We turn to the police in situations where years of experience and common sense tell us that their involvement is unnecessary, and can make things worse. We ask police to take accident reports, respond to people who have overdosed and arrest, rather than cite, people who might have intentionally or not passed a counterfeit $20 bill. We call police to roust homeless people from corners and doorsteps, resolve verbal squabbles between family members and strangers alike, and arrest children for behavior that once would have been handled as a school disciplinary issue.

Police themselves often complain about having to “do too much,” including handling social problems for which they are ill-equipped. Some have been vocal about the need to decriminalize social problems and take police out of the equation.
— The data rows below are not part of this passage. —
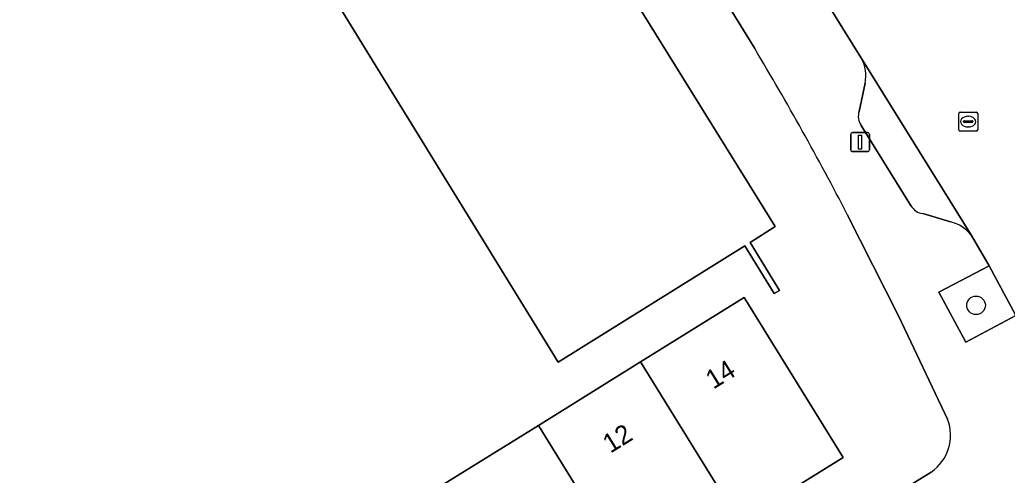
# Model space of a CAD drawing. Extents: x 160030 to 160839, y 385325 to 386450.
# Drawn here: x 160333.6 to 160385.7, y 386216.1 to 386240.2 of the extents above; entities that cross this region are included whole.
import ezdxf

# ---------------------------------------------------------------- set-up
doc = ezdxf.new("R2010")
doc.units = 0
for name, color, linetype in [('IMGEO_Boom', 7, 'Continuous'), ('IMGEO_Erf', 7, 'Continuous'), ('IMGEO_Groenvoorziening', 7, 'Continuous'), ('IMGEO_Lichtmast', 7, 'Continuous'), ('IMGEO_Pand', 7, 'Continuous'), ('IMGEO_Pand_nummerreeks', 7, 'Continuous'), ('IMGEO_Parkeervlak_open', 7, 'Continuous'), ('IMGEO_Rijbaan_lokaal_open', 7, 'Continuous'), ('IMGEO_Rioolput', 7, 'Continuous'), ('IMGEO_Voetpad_open', 7, 'Continuous')]:
    doc.layers.add(name, color=color, linetype=linetype)

msp = doc.modelspace()

# ---------------------------------------------------------------- linework, layer by layer
at = {"layer": 'IMGEO_Boom'}
msp.add_circle((160384.102, 386225.102), 0.489, dxfattribs=at)
at = {"layer": 'IMGEO_Erf'}
for points in [[(160372.421, 386238.639), (160365.405, 386250), (160351.069, 386273.213)], [(160382.596, 386219.091), (160380.001, 386224.547), (160377.306, 386229.897)], [(160339.732, 386190.285), (160379.488, 386214.921), (160381.729, 386216.309)]]:
    msp.add_lwpolyline(points, dxfattribs=at)
for points in [[(160346.068, 386248.087), (160349.161, 386250), (160349.371, 386250.13), (160346.994, 386253.981), (160340.58, 386250), (160314.356, 386233.725), (160307.279, 386245.109), (160315.164, 386250), (160346.657, 386269.536), (160350.096, 386263.95), (160349.044, 386263.274), (160350.863, 386260.319), (160350.868, 386260.31), (160352.434, 386257.766), (160353.531, 386258.466), (160354.989, 386256.082), (160356.33, 386256.943), (160360.635, 386250), (160373.503, 386229.25), (160372.174, 386228.406), (160373.739, 386225.879), (160373.455, 386225.72), (160371.898, 386228.234), (160362.051, 386222.095)], [(160350.222, 386212.061), (160355.614, 386215.415), (160361.006, 386218.769), (160366.398, 386222.123), (160371.861, 386225.521), (160377.096, 386217.071), (160371.616, 386213.678), (160366.217, 386210.336), (160360.818, 386206.994), (160355.418, 386203.651), (160350.019, 386200.309), (160344.62, 386196.966), (160339.221, 386193.624), (160334.046, 386201.999), (160339.438, 386205.353), (160344.83, 386208.707)]]:
    msp.add_lwpolyline(points, close=True, dxfattribs=at)
for centre, radius, start, end in [((160239.073, 386158.389), 155.633, 27.35263, 31.03999), ((160380.422, 386218.242), 2.334, 304.0612, 21.3198)]:
    msp.add_arc(centre, radius, start, end, dxfattribs=at)
at = {"layer": 'IMGEO_Groenvoorziening'}
msp.add_lwpolyline([(160386.199, 386224.569), (160384.799, 386227.189), (160382.142, 386225.798), (160383.555, 386223.155)], close=True, dxfattribs=at)
at = {"layer": 'IMGEO_Lichtmast'}
for p, q in [((160377.486, 386233.308), (160377.486, 386234.108)), ((160377.486, 386234.108), (160377.486, 386233.308)), ((160377.586, 386234.208), (160378.376, 386234.208)), ((160378.376, 386234.208), (160377.586, 386234.208)), ((160378.476, 386234.108), (160378.476, 386233.308)), ((160378.476, 386233.308), (160378.476, 386234.108)), ((160378.376, 386233.208), (160377.586, 386233.208)), ((160377.586, 386233.208), (160378.376, 386233.208))]:
    msp.add_line(p, q, dxfattribs=at)
msp.add_lwpolyline([(160377.906, 386234.083), (160378.056, 386234.083), (160378.056, 386233.333), (160377.906, 386233.333), (160377.906, 386234.083)], dxfattribs=at)
for centre, start, end in [((160377.586, 386234.108), 90, 180), ((160377.586, 386234.108), 90, 180), ((160378.376, 386234.108), 0, 90), ((160378.376, 386234.108), 360, 90), ((160377.586, 386233.308), 180, 270), ((160377.586, 386233.308), 180, 270), ((160378.376, 386233.308), 270, 0), ((160378.376, 386233.308), 270, 0)]:
    msp.add_arc(centre, 0.1, start, end, dxfattribs=at)
at = {"layer": 'IMGEO_Pand'}
for points in [[(160360.635, 386250), (160356.33, 386256.943), (160354.989, 386256.082), (160353.531, 386258.466), (160352.434, 386257.766), (160350.868, 386260.31), (160350.863, 386260.319), (160349.044, 386263.274), (160350.096, 386263.95), (160346.657, 386269.536), (160315.164, 386250), (160307.279, 386245.109), (160314.356, 386233.725), (160340.58, 386250), (160346.994, 386253.981), (160349.371, 386250.13), (160349.161, 386250), (160346.068, 386248.087), (160362.051, 386222.095), (160371.898, 386228.234), (160373.455, 386225.72), (160373.739, 386225.879), (160372.174, 386228.406), (160373.503, 386229.25)], [(160377.096, 386217.071), (160371.861, 386225.521), (160366.398, 386222.123), (160371.616, 386213.678)], [(160371.616, 386213.678), (160366.398, 386222.123), (160361.006, 386218.769), (160366.217, 386210.336)], [(160366.217, 386210.336), (160361.006, 386218.769), (160355.614, 386215.415), (160360.818, 386206.994)]]:
    msp.add_lwpolyline(points, close=True, dxfattribs=at)
at = {"layer": 'IMGEO_Parkeervlak_open'}
for points in [[(160383.862, 386228.788), (160378.049, 386238.126)], [(160378.245, 386236.819), (160377.926, 386235.331)], [(160378.034, 386234.586), (160380.679, 386230.333)], [(160381.287, 386229.945), (160382.754, 386229.509)]]:
    msp.add_lwpolyline(points, dxfattribs=at)
for centre, radius, start, end in [((160376.489, 386237.224), 1.802, 347.0181, 30.0391), ((160378.774, 386235.074), 0.886, 163.1063, 213.3908), ((160381.369, 386230.745), 0.804, 210.7981, 264.1133), ((160382.211, 386227.463), 2.117, 38.7568, 75.1373)]:
    msp.add_arc(centre, radius, start, end, dxfattribs=at)
at = {"layer": 'IMGEO_Rijbaan_lokaal_open'}
msp.add_lwpolyline([(160354.036, 386276.982), (160354.153, 386276.793), (160359.823, 386267.623), (160362.326, 386263.486), (160368.126, 386254.151), (160369.836, 386251.393), (160375.678, 386241.955), (160378.049, 386238.126), (160383.862, 386228.788), (160384.799, 386227.189), (160386.199, 386224.569), (160387.779, 386221.116)], dxfattribs=at)
at = {"layer": 'IMGEO_Rioolput'}
for p, q in [((160383.185, 386234.363), (160383.185, 386235.215)), ((160383.26, 386235.289), (160384.112, 386235.289)), ((160383.673, 386235.069), (160383.698, 386235.069)), ((160384.186, 386235.215), (160384.186, 386234.363)), ((160383.444, 386234.783), (160383.444, 386234.795)), ((160383.882, 386234.746), (160383.484, 386234.746)), ((160383.487, 386234.832), (160383.885, 386234.832)), ((160383.696, 386234.509), (160383.671, 386234.509)), ((160383.928, 386234.795), (160383.928, 386234.783)), ((160384.112, 386234.289), (160383.26, 386234.289))]:
    msp.add_line(p, q, dxfattribs=at)
for points in [[(160383.185, 386234.363), (160383.185, 386235.215)], [(160383.26, 386235.289), (160384.112, 386235.289)], [(160384.186, 386235.215), (160384.186, 386234.363)], [(160384.112, 386234.289), (160383.26, 386234.289)]]:
    msp.add_lwpolyline(points, dxfattribs=at)
for centre, radius, start, end in [((160383.262, 386235.213), 0.0765, 91.552, 178.448), ((160383.262, 386235.213), 0.0765, 91.552, 178.448), ((160384.11, 386235.213), 0.0765, 1.552, 88.448), ((160384.11, 386235.213), 0.0765, 1.552, 88.448), ((160383.262, 386234.365), 0.0765, 181.552, 268.448), ((160383.262, 386234.365), 0.0765, 181.552, 268.448), ((160383.484, 386234.792), 0.0403, 85.8775, 175.7526), ((160383.481, 386234.782), 0.0366, 178.938, 274.7102), ((160383.885, 386234.789), 0.043, 264.8664, 352.4533), ((160383.889, 386234.794), 0.0386, 1.7309, 96.639), ((160384.11, 386234.365), 0.0765, 271.552, 358.448), ((160384.11, 386234.365), 0.0765, 271.552, 358.448)]:
    msp.add_arc(centre, radius, start, end, dxfattribs=at)
for centre, major_axis, ratio, start_param, end_param in [((160383.672, 386234.789), (-0.387, 0.002), 0.722429, 4.712389, 7.853982), ((160383.697, 386234.789), (-0.39, 0.002), 0.717154, 1.570796, 4.712389)]:
    msp.add_ellipse(centre, major_axis=major_axis, ratio=ratio, start_param=start_param, end_param=end_param, dxfattribs=at)
at = {"layer": 'IMGEO_Voetpad_open'}
for points in [[(160351.069, 386273.213), (160365.405, 386250), (160372.421, 386238.639)], [(160378.049, 386238.126), (160375.678, 386241.955)], [(160377.926, 386235.331), (160378.245, 386236.819)], [(160380.679, 386230.333), (160378.034, 386234.586)], [(160377.306, 386229.897), (160380.001, 386224.547), (160382.596, 386219.091)], [(160382.754, 386229.509), (160381.287, 386229.945)], [(160387.779, 386221.116), (160386.199, 386224.569), (160383.555, 386223.155), (160382.142, 386225.798), (160384.799, 386227.189), (160383.862, 386228.788)], [(160381.729, 386216.309), (160379.488, 386214.921), (160381.865, 386211.269), (160385.586, 386213.593)]]:
    msp.add_lwpolyline(points, dxfattribs=at)
for centre, radius, start, end in [((160239.073, 386158.389), 155.633, 27.35263, 31.03999), ((160376.489, 386237.224), 1.802, 347.0181, 30.0391), ((160378.774, 386235.074), 0.886, 163.1063, 213.3908), ((160381.369, 386230.745), 0.804, 210.7981, 264.1133), ((160382.211, 386227.463), 2.117, 38.7568, 75.1373), ((160380.422, 386218.242), 2.334, 304.0612, 21.3198)]:
    msp.add_arc(centre, radius, start, end, dxfattribs=at)

# ---------------------------------------------------------------- texts
at = {"layer": 'IMGEO_Pand_nummerreeks'}
for s, p in [('14', (160370.24, 386220.65)), ('12', (160364.807, 386217.271))]:
    msp.add_text(s, height=1, rotation=31.8828, dxfattribs=at).set_placement(p)

doc.saveas('drawing.dxf')

It is clear that we must reimagine the role they play in public safety. 
Defunding and abolition probably mean something different from what you are thinking. For most proponents, “defunding the police” does not mean zeroing out budgets for public safety, and police abolition does not mean that police will disappear overnight — or perhaps ever. Defunding the police means shrinking the scope of police responsibilities and shifting most of what government does to keep us safe to entities that are better equipped to meet that need. It means investing more in mental-health care and housing, and expanding the use of community mediation and violence interruption programs....
Why not use words that people can understand and that convey the meaning you want to put in our head? If your idea is so reasonable, why not use words that are effective in making people who care about peace and harmony agree with you?
Police abolition means reducing, with the vision of eventually eliminating, our reliance on policing to secure our public safety....
Now, that's just confusing! You said "reducing" but then you said "eliminating."
The “abolition” language is important because it reminds us that policing has been the primary vehicle for using violence to perpetuate the unjustified white control over the bodies and lives of black people that has been with us since slavery.
But the slavery abolition movement was not about reducing our reliance on slavery! Why take such an important word and undermine what it means? If you successfully "remind us" of the evils of slavery, you are making us think you are saying the police are an evil, like slavery, that must be entirely eradicated.